2. Auch im Fall des § 88 Abs 1 Nr 3 SGB 12 aF ist ein Einkommenseinsatz für Ehegatten, die nicht beide stationär oder teilstationär untergebracht sind, nicht gerechtfertigt.
3. Die Regelung des § 87 Abs 1 S 3 SGB 12 ist auf den Bezug aller Leistungen der Pflege für Schwerstpflegebedürftige bzw Blinde nach § 64 Abs 3 SGB 12 bzw § 72 Abs 2 SGB 12 anzuwenden, auch für die der teil- bzw vollstationären Pflege.
4. Weicht der Sozialhilfeträger von den sonst regelmäßig befolgten Sozialhilferichtlinien ab, obwohl diese sich im Rahmen des Gesetzes gehalten haben und diese nicht zu rechtswidrigen Ergebnissen geführt haben, und ist ein Abweichen nicht durch hinreichende sachliche Gründe gerechtfertigt, so liegt darin bereits eine Verletzung subjektiven Rechts.
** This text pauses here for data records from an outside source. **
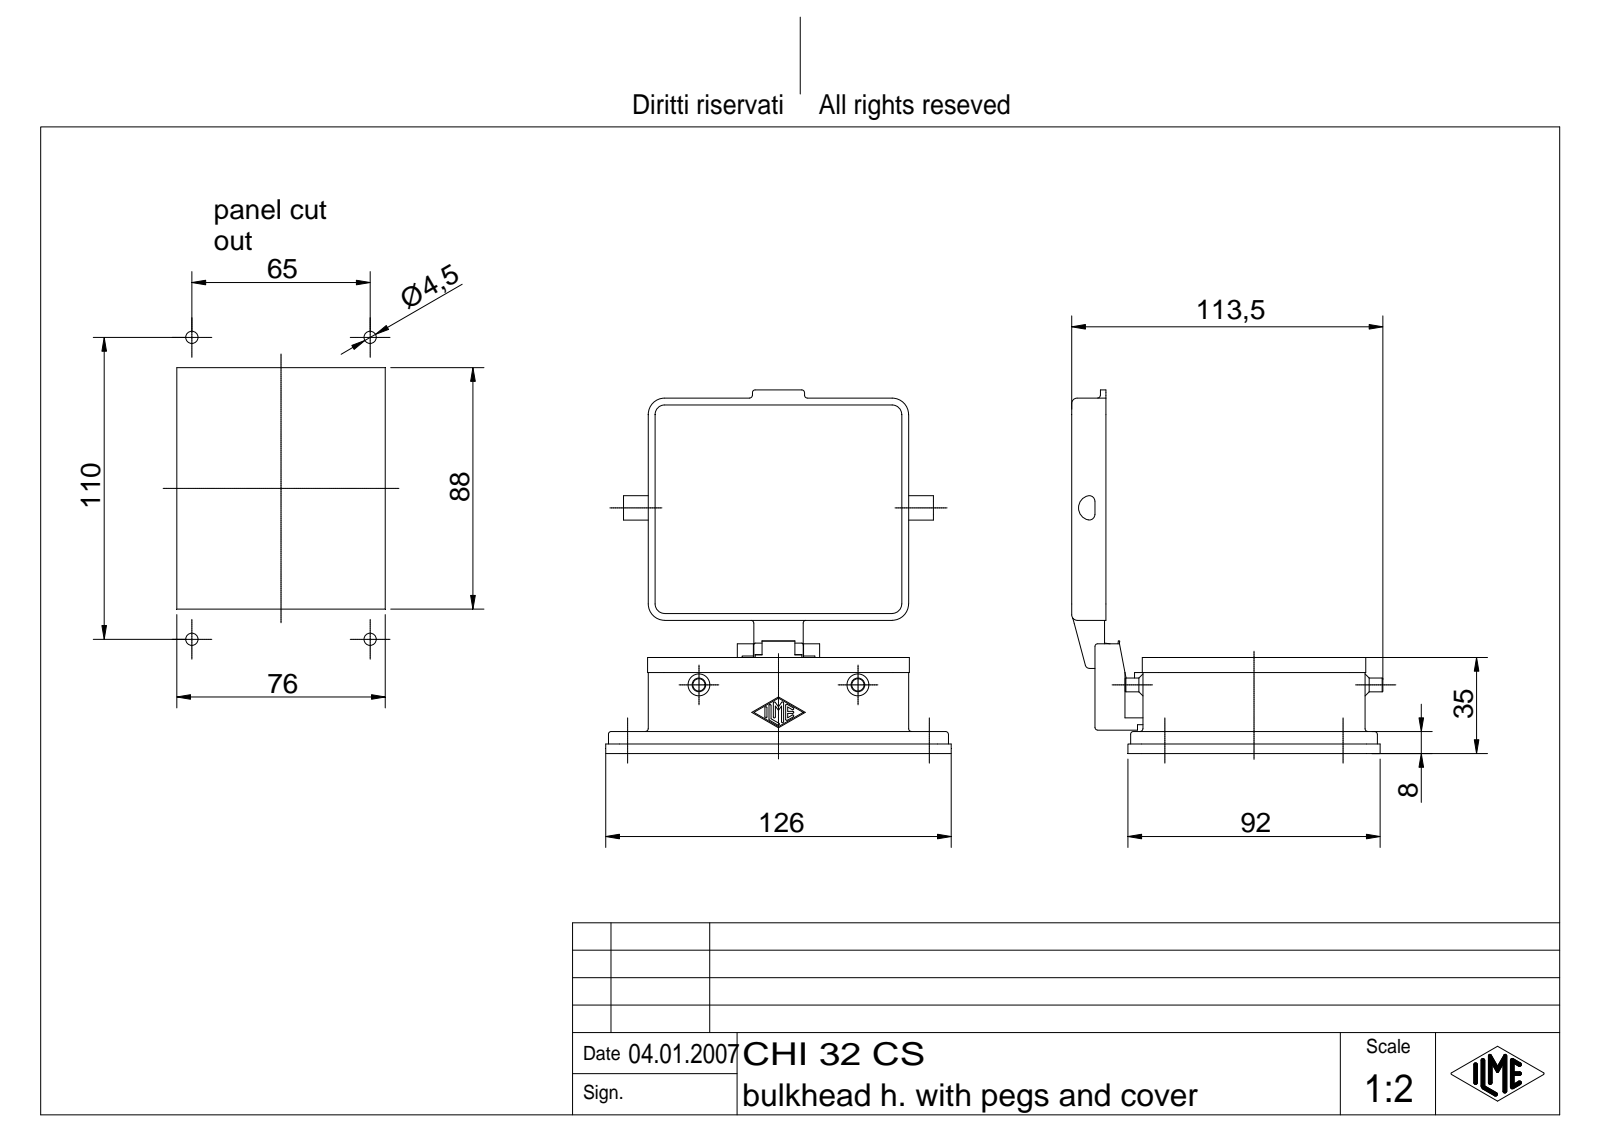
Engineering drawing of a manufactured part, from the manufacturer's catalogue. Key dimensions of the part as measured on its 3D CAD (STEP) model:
Part name (STEP PRODUCT): CHI 32 CS
STEP written by: Autodesk Inventor 7 (AUTOMOTIVE_DESIGN)
Units: millimetres
Bodies: 1 solid, 493 faces (203 planar, 192 cylindrical, 98 other)
Overall size (bounding box): 132.5 × 126 × 113.5
Volume: 117 971 mm³ · Surface area: 67 617 mm²
Round holes (diameter × count): ⌀2.46 ×4, ⌀3.1 ×4, ⌀4.5 ×4, ⌀4.6 ×4, ⌀4 ×1, ⌀5 ×1
Round bosses / shafts (diameter × count): ⌀5 ×2, ⌀3 ×2, ⌀7 ×1
Partial cylindrical surfaces — rounded edges, fillets, slot ends (radius × count): R1 ×19, R0.38 ×14, R2 ×12, R6 ×12, R0.5 ×11, R3.5 ×8, R1.5 ×5, R2.5 ×4
Main face-to-face distances: 3.5, 3, 92, 78, 8, 4, 2.5, 104, 1, 25.5
Hole centre spacings: 16.28, 27, 32.37, 40.41, 65, 66.03, 77.5, 82.07
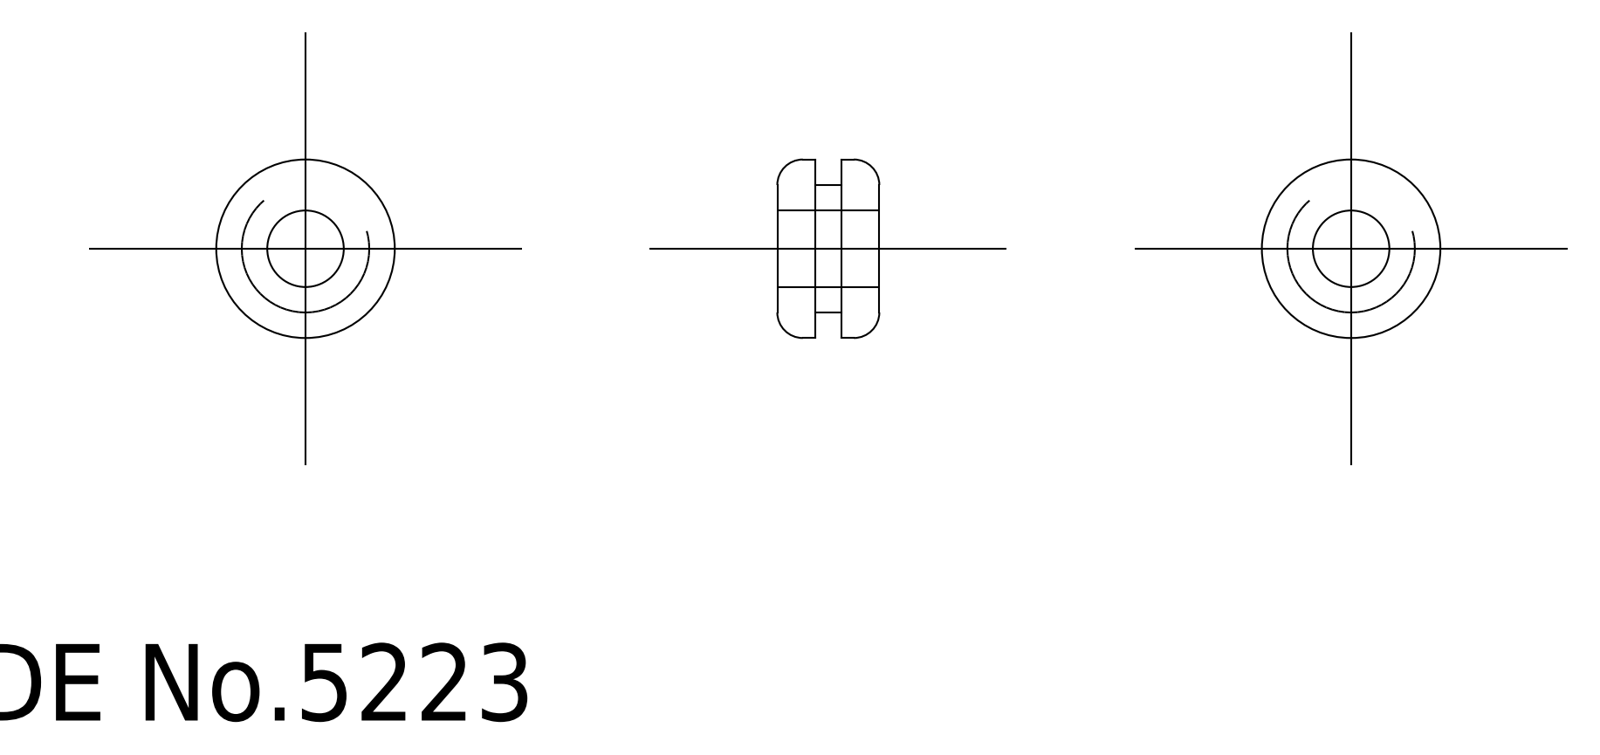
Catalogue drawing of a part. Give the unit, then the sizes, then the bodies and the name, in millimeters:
Units: millimetres
Overall size (bounding box): 7 × 7 × 4
Volume: 98 mm³ · Surface area: 200 mm²
Bodies: 1 solid, 16 faces (0 planar, 0 cylindrical, 16 other)
Part name (STEP PRODUCT): grommet
STEP written by: CADfix (AUTOMOTIVE_DESIGN)

5. Der pauschale Hinweis auf die Verwendung von Handlungsempfehlungen (hier: Landesamt für Soziales und Familie) für die Ermittlung des Kostenbeitrags ersetzt nicht eine eigenständige Ermessensprüfung.
Tenor
1. Die Beklagte wird unter Aufhebung ihres Bescheides vom 22.11.2005 in der Gestalt des Widerspruchsbescheides vom 03.03.2006 verurteilt, den Antrag der Klägerin auf Berechnung des Eigenanteils der Klägerin an Heimkosten unter Beachtung der Rechtsauffassung der Gerichts neu zu bescheiden.
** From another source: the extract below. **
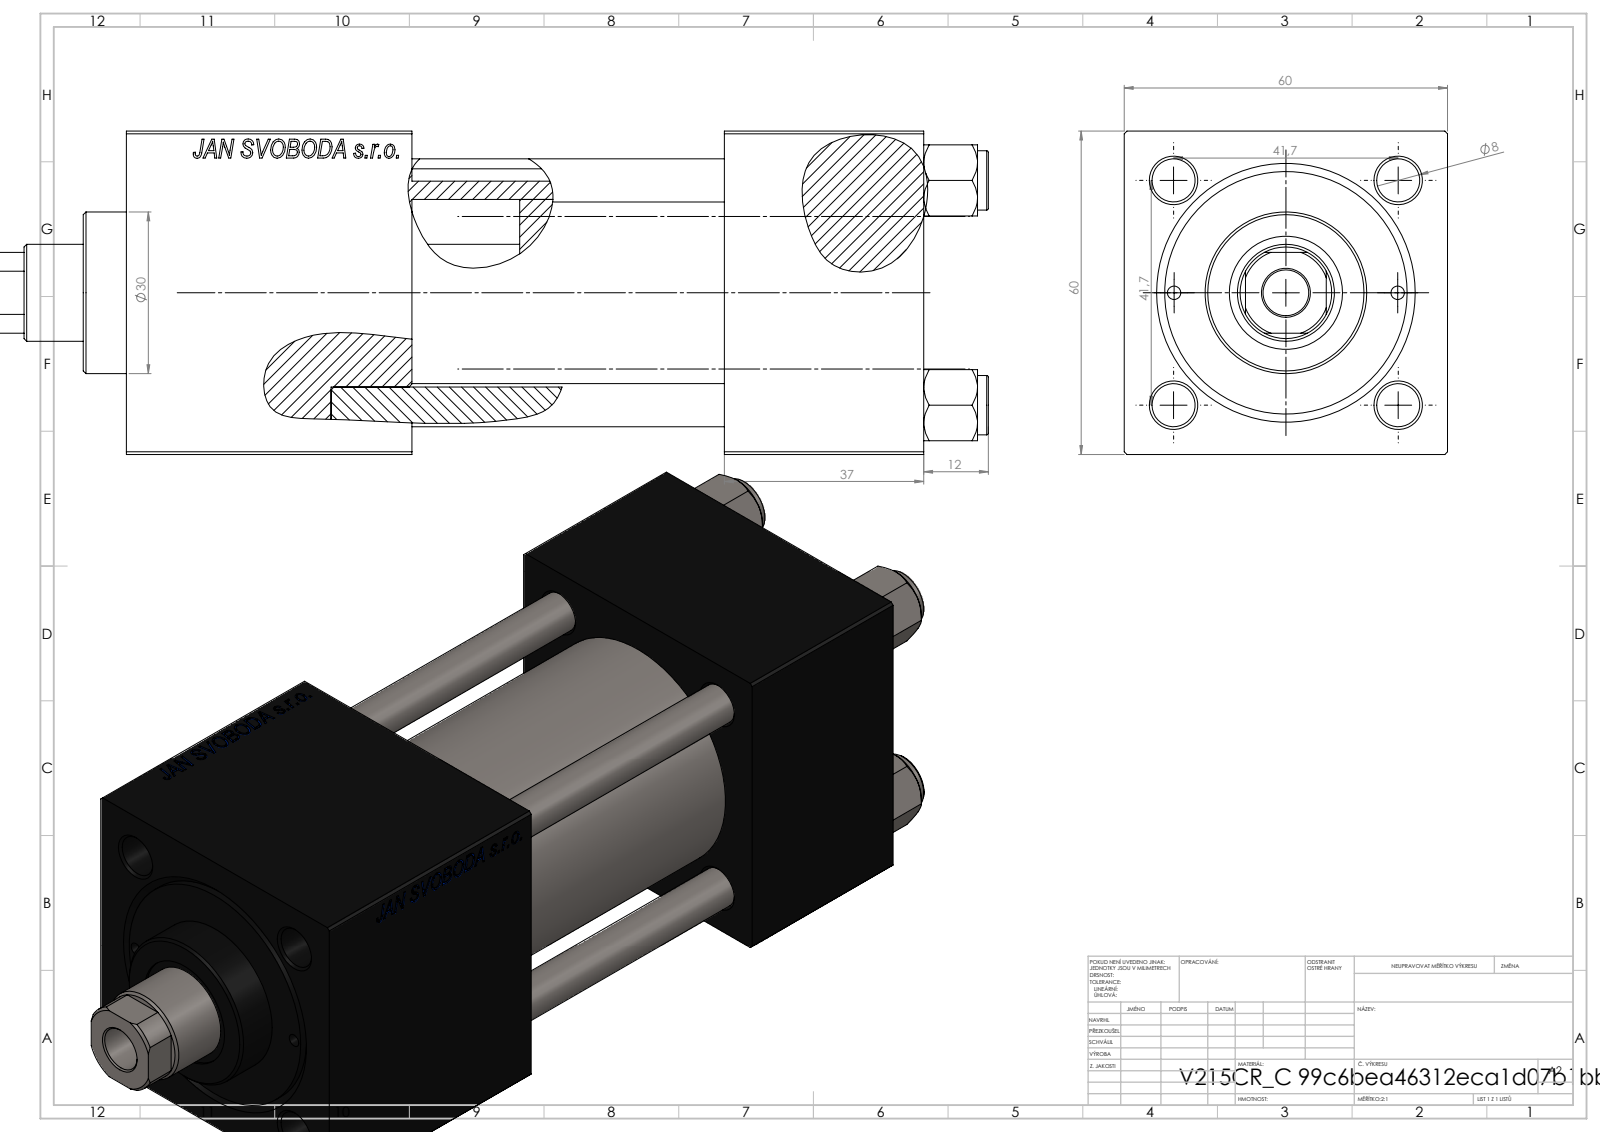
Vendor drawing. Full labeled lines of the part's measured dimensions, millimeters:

2. Der Beklagte trägt die außergerichtlichen Kosten der Klägerin
Tatbestand
Die 1940 geborene Klägerin liegt seit 2002 im Wachkoma und wird im Senioren- und Pflegeheim in M. gepflegt. Der Medizinische Dienst der Krankenversicherung beurteilt sie als erheblich pflegebedürftig (Pflegestufe III). Die Klägerin bezieht eine Rente in Höhe von 624,99 €. Der 1941 geborene Ehegatte der Klägerin bezieht eine Rente in Höhe von 1.156,87 € und wohnt in einer 2-Zimmer-Wohnung mit 45,5 qm Wohnfläche. Die Kaltmiete beträgt 122,13 €, für Heizung- und Warmwasser sind 77,35 € angefallen. Sonstige Betriebskosten wurden mit 48,85 € angegeben. Die Warmmiete betrug 248,33 €.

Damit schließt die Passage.